Serão apresentados os resultados da pesquisa desenvolvida em Lisboa, Londres, São Paulo e Nova Iorque, com uma Bolsa de Estudo da Gulbenkian, tomando a “Lisboa, Cidade Triste e Alegre” (1959) de Victor Palla e Costa Martins como um estudo de caso a partir do qual se problematiza o modo como a fotografia constitui a imagem da cidade no contexto internacional do pós-guerra. A apresentação concentrar-se-á nas ligações entre o livro-exposição “Lisboa” e outros álbuns fotográficos seus contemporâneos, explorando influências conjunturais quer no domínio da imagem fotográfica, quer no entendimento da própria cidade. Abordar-se-á a metodologia seguida na investigação, comentando-se também o material e respectivas condições de pesquisa disponíveis nos diversos centros de documentação consultados.

Nota Biográfica
Nasceu em Lisboa em 1974 e formou-se em História, variante História da Arte, frequentando depois o ano curricular do Mestrado em Ciências da Comunicação. Foi crítica de arte no Expresso de 1998 a 2001, altura em que integra o Instituto de Arte Contemporânea (actual Instituto das Artes) como técnica do Gabinete de Artes Visuais.

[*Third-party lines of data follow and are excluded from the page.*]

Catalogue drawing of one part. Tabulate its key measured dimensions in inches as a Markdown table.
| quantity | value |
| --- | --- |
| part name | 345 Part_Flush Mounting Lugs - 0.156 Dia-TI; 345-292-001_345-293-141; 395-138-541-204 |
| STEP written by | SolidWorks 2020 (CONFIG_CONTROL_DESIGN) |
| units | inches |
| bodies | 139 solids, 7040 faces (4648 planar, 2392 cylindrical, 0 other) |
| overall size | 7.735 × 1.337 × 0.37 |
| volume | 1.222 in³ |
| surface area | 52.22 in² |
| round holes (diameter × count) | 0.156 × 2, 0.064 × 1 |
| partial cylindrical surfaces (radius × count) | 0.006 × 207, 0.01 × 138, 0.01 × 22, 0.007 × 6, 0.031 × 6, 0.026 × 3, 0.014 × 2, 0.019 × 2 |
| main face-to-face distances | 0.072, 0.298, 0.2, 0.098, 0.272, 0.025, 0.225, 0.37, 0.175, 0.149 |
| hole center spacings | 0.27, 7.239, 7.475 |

Leccionou no CAMJAP-FCG o curso “História da Fotografia em Portugal (sécs. XIX e XX)”, assegurando na pós-graduação em “Estudos de Fotografia” do IADE o módulo dedicado à “Fotografia Portuguesa: Instituições e Práticas Artísticas”. Em 2003-2004 realizou um estudo comparativo a nível internacional em torno da “Lisboa” de Victor Palla e Costa Martins com uma Bolsa de Especialização e Valorização Profissional do Serviço de Belas-Artes da Fundação Calouste Gulbenkian.

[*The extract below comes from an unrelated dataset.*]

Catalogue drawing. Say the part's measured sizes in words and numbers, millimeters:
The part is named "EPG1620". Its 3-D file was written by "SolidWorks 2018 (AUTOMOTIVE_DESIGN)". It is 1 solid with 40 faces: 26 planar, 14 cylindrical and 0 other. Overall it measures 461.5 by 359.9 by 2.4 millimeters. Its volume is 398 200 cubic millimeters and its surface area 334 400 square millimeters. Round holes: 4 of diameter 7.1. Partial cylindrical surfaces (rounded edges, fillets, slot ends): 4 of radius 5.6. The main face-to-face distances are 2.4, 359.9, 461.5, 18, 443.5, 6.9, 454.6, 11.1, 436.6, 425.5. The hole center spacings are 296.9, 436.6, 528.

— Onde páras “Lisboa, cidade triste e alegre”?, por Luís Camanho

A apresentação comentará o filme-documentário sobre o projecto “Lisboa, cidade triste e alegre” de Costa Martins e Victor Palla, realizado pelo próprio e em estreia absoluta neste curso*. Trata-se de um filme-documentário que tenta um retrato sobre o exercício editorial “Lisboa, cidade triste e alegre” de Victor Palla e Costa Martins realizado no Portugal da década de 1950. Recheado de testemunhos inéditos que atravessam várias gerações e se interrelacionam de forma a construir uma visão multidisciplinar tanto da obra como dos próprios autores.

Nota Biográfica
Nasceu no Porto em 1977. É bacharel em Tecnologias da Comunicação Audiovisual e licenciado em Comunicação Social. Em 1999-2000 realiza 3 curtas-metragens, o projecto foto-documental “A Escola da Lomba” e assina a Direcção de Fotografia de uma curta-metragem de Margarida Quintas. De 2001 a 2004 lecciona as disciplinas de Vídeo e Fotografia no ensino secundário tecnológico e em 2003 escreve uma monografia sobre “Lisboa, cidade triste e alegre” de Costa Martins e Victor Palla.

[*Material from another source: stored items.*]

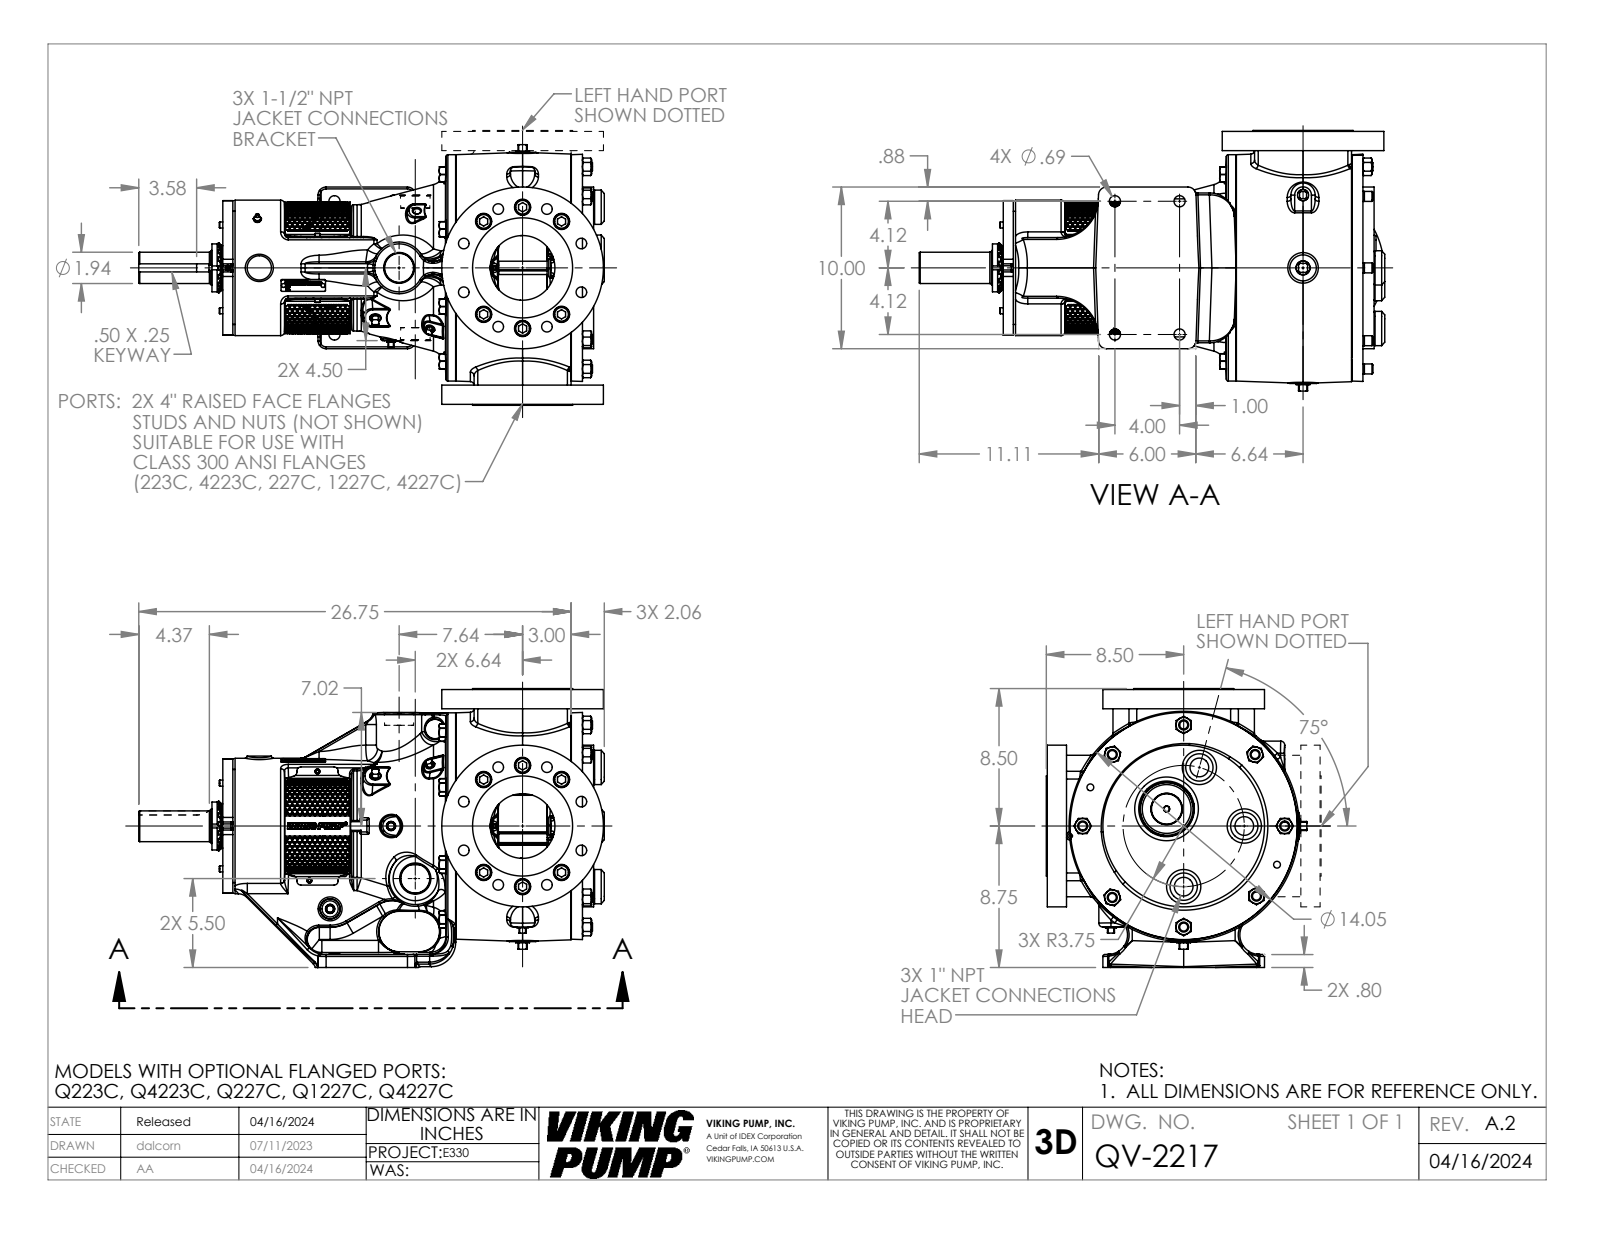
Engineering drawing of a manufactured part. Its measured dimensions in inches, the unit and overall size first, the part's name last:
Units: inches
Overall size (bounding box): 28.804 × 17.25 × 16.121
Round holes (diameter × count): ⌀0.656 ×28, ⌀1 ×12, ⌀0.25 ×9, ⌀0.266 ×8, ⌀1.157 ×8, ⌀0.688 ×4, ⌀1.156 ×3, ⌀1.85 ×3, ⌀0.159 ×2, ⌀0.313 ×2, ⌀0.33 ×2, ⌀0.422 ×2
Round bosses / shafts (diameter × count): ⌀0.937 ×12, ⌀0.625 ×11, ⌀0.617 ×8, ⌀10 ×3, ⌀2.12 ×3, ⌀1.75 ×3, ⌀0.312 ×3, ⌀0.19 ×3
Partial cylindrical surfaces — rounded edges, fillets, slot ends (radius × count): R0.12 ×52, R0.015 ×18, R0.092 ×18, R0.25 ×18, R0.07 ×16, R0.75 ×16, R0.5 ×14, R0.24 ×10
Main face-to-face distances: 1.19, 0.691, 3.75, 16, 17.19, 0.06, 1.25, 22.254, 22.944, 18.504
Hole centre spacings: 3.75, 7.276, 2.079, 3.133, 3.937, 5.932, 8.43, 9.82
Volume: 2 428 in³ · Surface area: 2 210 in²
Bodies: 1 solid, 3861 faces (1374 planar, 718 cylindrical, 1769 other)
Part name (STEP PRODUCT): QV-2217
STEP written by: SolidWorks 2022 (AUTOMOTIVE_DESIGN)

*23 de Maio | segunda-feira, das 21h00 às 21h30, Edif. Sede da FCG

— Visionamento do documentário “Lisboa, cidade triste e alegre”, realizado por Luís Camanho

É no âmbito do curso teórico “As Imagens da Cidade: ligações entre Fotografia, Cinema, Literatura e Urbanismo” que assistiremos à estreia absoluta do filme-documentário recentemente realizado pelo jovem fotógrafo Luís Camanho em torno do projecto fotográfico Lisboa, cidade triste e alegre (1959/1982), de Costa Martins e Victor Palla.
A sua exibição terá lugar na Fundação Calouste Gulbenkian no próximo dia 23 de Maio de 2005, às 21h00, e é reservada aos alunos inscritos no curso, respectivos formadores, equipa técnica e de produção envolvidas neste projecto e ilustres entrevistados.
Luís Camanho (Porto, 1977) é bacharel em Tecnologias da Comunicação Audiovisual e licenciado em Comunicação Social. Realizou, entre 1999 e 2000, três curtas-metragens, o projecto foto-documental “A Escola da Lomba” e assinou a Direcção de Fotografia de uma curta-metragem de Margarida Quintas. Leccionou depois as disciplinas de Vídeo e Fotografia no ensino secundário tecnológico e, em 2003, escreveu uma monografia sobre a Lisboa, cidade triste e alegre de Costa Martins e Victor Palla.
Segundo o autor, este filme-documentário “tenta um retrato sobre o exercício editorial Lisboa, cidade triste e alegre de Victor Palla e Costa Martins realizado no Portugal da década de 1950” e acrescenta tratar-se de uma abordagem “recheada de testemunhos inéditos que atravessam várias gerações e se interrelacionam de modo a construir uma visão multidisciplinar tanto da obra como dos próprios autores”.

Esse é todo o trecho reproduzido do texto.